Maybe SA should "give them the bird". I would, since the buggers made me redundant
Here's another bird.
I can't believe people leapt on this with such ferocity, it was a PR stunt and a bit of a giggle, nothing more. You sys admins can rest easy, you won't really have to share your precious server rackmounts with pigeon holes and suffer a relentless rain of droppings when monthly reporting commences. ;)
Anyone slightly technically minded knows that this is a tongue-in-cheek news story.
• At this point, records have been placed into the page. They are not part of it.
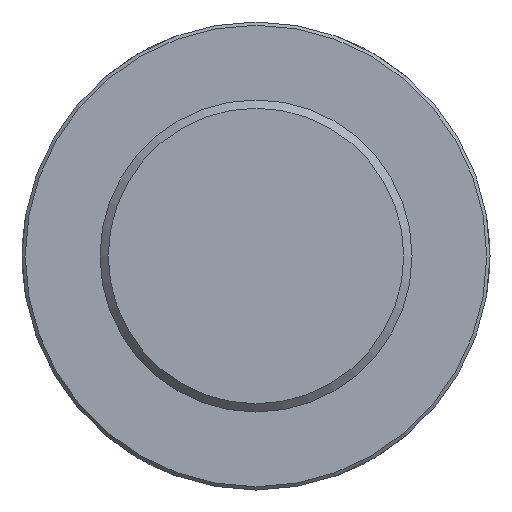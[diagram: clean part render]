
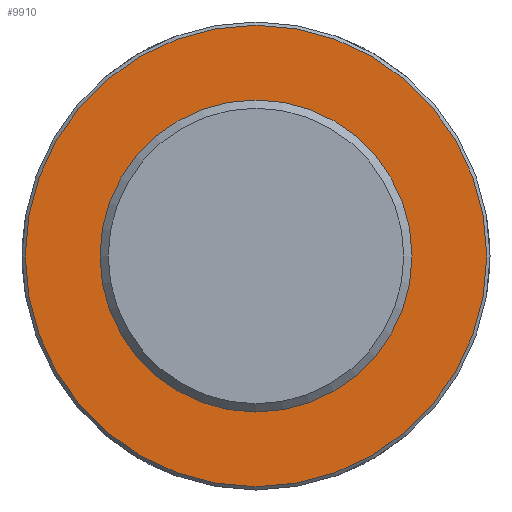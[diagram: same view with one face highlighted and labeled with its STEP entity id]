
A CAD part, front view. The second image highlights one B-rep face of the part: STEP entity #9910.
In plain terms, the highlighted planar face has unit normal (0, -1, 0) as drawn and (0, 1, 0) by its records, which use the part's own axes.
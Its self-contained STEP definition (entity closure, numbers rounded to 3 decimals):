
#73=CIRCLE('',#10219,140.5);
#352=PLANE('',#10222);
#889=FACE_OUTER_BOUND('',#1503,.T.);
#1503=EDGE_LOOP('',(#9020));
#4677=VERTEX_POINT('',#18698);
#6128=EDGE_CURVE('',#4677,#4677,#73,.T.);
#9020=ORIENTED_EDGE('',*,*,#6128,.F.);
#9910=ADVANCED_FACE('',(#889),#352,.T.);
#10219=AXIS2_PLACEMENT_3D('',#18699,#11464,#11465);
#10222=AXIS2_PLACEMENT_3D('',#18937,#11470,#11471);
#11464=DIRECTION('center_axis',(0.,-1.,0.));
#11465=DIRECTION('ref_axis',(1.,0.,0.));
#11470=DIRECTION('center_axis',(0.,1.,0.));
#11471=DIRECTION('ref_axis',(0.,0.,1.));
#18698=CARTESIAN_POINT('',(-140.5,135.,0.));
#18699=CARTESIAN_POINT('Origin',(0.,135.,0.));
#18937=CARTESIAN_POINT('Origin',(0.,135.,0.));
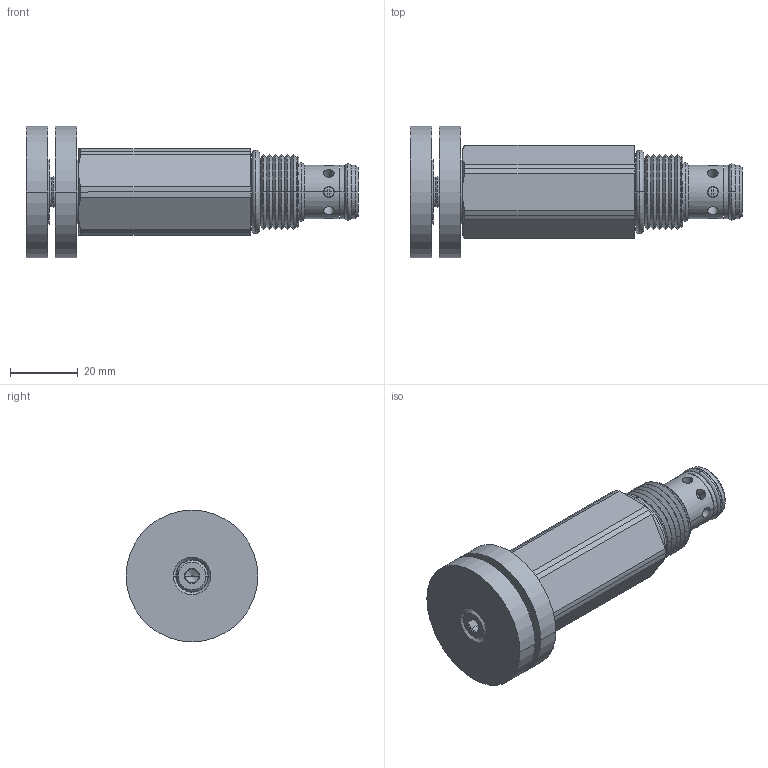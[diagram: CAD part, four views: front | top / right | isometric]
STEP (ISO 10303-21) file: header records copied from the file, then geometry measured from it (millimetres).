
FILE_DESCRIPTION((''),'2;1');
FILE_NAME('U:\Solid model CD\Solid model full\Mechanical\STEP\DEPSD0K-3D Full.stp','2008-07-28T16:13:11',('Dan'),(''),'Autodesk Inventor 9','Autodesk Inventor 9','');
FILE_SCHEMA(('AUTOMOTIVE_DESIGN { 1 0 10303 214 1 1 1 1 }'));
Length unit declared in the file: inch
Products named in the file (7): DEPSD0K-3D Full; DEPSD0K-3D Full1; DEPSD0K-3D Full2; DEPSD0K-3D Full3; DEPSD0K-3D Full4; DEPSD0K-3D Full5; DEPSD0K-3D Full6
Assembly tree (6 placements, depth 2):
  DEPSD0K-3D Full
    DEPSD0K-3D Full1
    DEPSD0K-3D Full2
    DEPSD0K-3D Full3
    DEPSD0K-3D Full4
    DEPSD0K-3D Full5
    DEPSD0K-3D Full6
Bounding box: 97.99 x 38.86 x 38.86 mm (x, y, z)
Volume: 51382.7 mm3; surface area: 16526.7 mm2
Topology: 6 solids, 6 shells, 254 faces, 580 edges, 348 vertices
Faces by surface type: cone 118, cylinder 74, plane 44, bspline 14, torus 4
Entity records: 8157 total; most frequent: CARTESIAN_POINT 2269, DIRECTION 1273, ORIENTED_EDGE 1160, EDGE_CURVE 580, AXIS2_PLACEMENT_3D 532, VERTEX_POINT 348, EDGE_LOOP 290, CIRCLE 279
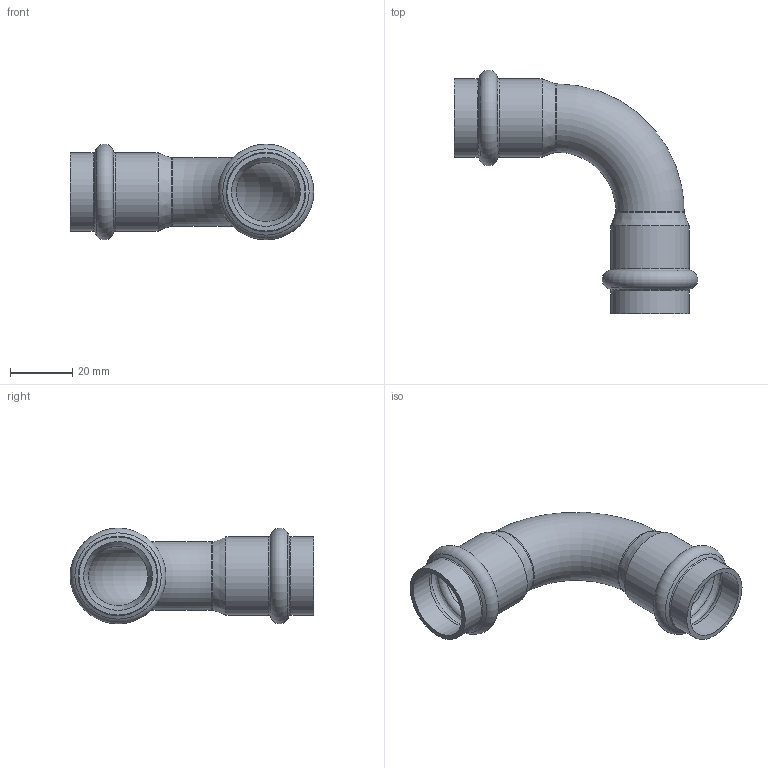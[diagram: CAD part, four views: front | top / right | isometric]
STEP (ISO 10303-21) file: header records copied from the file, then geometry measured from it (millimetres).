
FILE_DESCRIPTION((''),'2;1');
FILE_NAME('G:\Technics\CAD\Bauteile\022\69002A22(1).stp','2008-02-18T10:51:31',('herberg'),(''),'Autodesk Inventor 2008','Autodesk Inventor 2008','');
FILE_SCHEMA(('AUTOMOTIVE_DESIGN { 1 0 10303 214 1 1 1 1 }'));
Length unit declared in the file: millimetre
Products named in the file (1): 69002A22(1)
Bounding box: 78.39 x 78.39 x 30.79 mm (x, y, z)
Volume: 12752.8 mm3; surface area: 17226.9 mm2
Topology: 1 solids, 1 shells, 36 faces, 72 edges, 38 vertices
Faces by surface type: cylinder 12, cone 8, torus 8, bspline 6, plane 2
Full cylindrical faces by diameter (mm): 19 x2, 22 x2, 22.15 x4, 25.15 x4
Entity records: 1066 total; most frequent: CARTESIAN_POINT 445, DIRECTION 134, ORIENTED_EDGE 72, EDGE_LOOP 72, AXIS2_PLACEMENT_3D 67, VERTEX_POINT 36, CIRCLE 36, EDGE_CURVE 36

Basically a physical object can have theoretically very high bandwidth - the amount you can fit onto a small enough object to be transported. The downside is latency, it takes the pigeon an hour to get there, whereas it takes the network less than a second. A typical ADSL network can't transfer as much at once, but it doesn't claim to be able to, that's why it's asynchronous as other people have said.
You could equally put 1000 1 terabyte hard drives in a lorry and transfer a sick amount of data that a conventional network couldn't compare to.
"Actually, I'm going to see if I can train the seaguls* we have here in Torquay, I mean they're not really much use anyway, so if I can train them to send out MicroSD cards to friends with stuff on (I'm thinking copies of Ubuntu) then all the better."
Yeah, but you'd never be sure that your data would reach the specific target you want for delivery. After all, you just have a massive cloud full of seafulls each with a specific piece of data attached. Hard to sort one from another.
What you need, really, is for each seagull to just carry a small piece of each file, and then paint them with tracker IDs so you can reassemble the files from each seagull. I reckon this kind of DSC (Distributed Seagull Cloud) is probably just the ticket for your linux distros.
You could even encrypt the packets by disguising the gulls as sparrows.....
..ok, I'll stop drinking coffee now.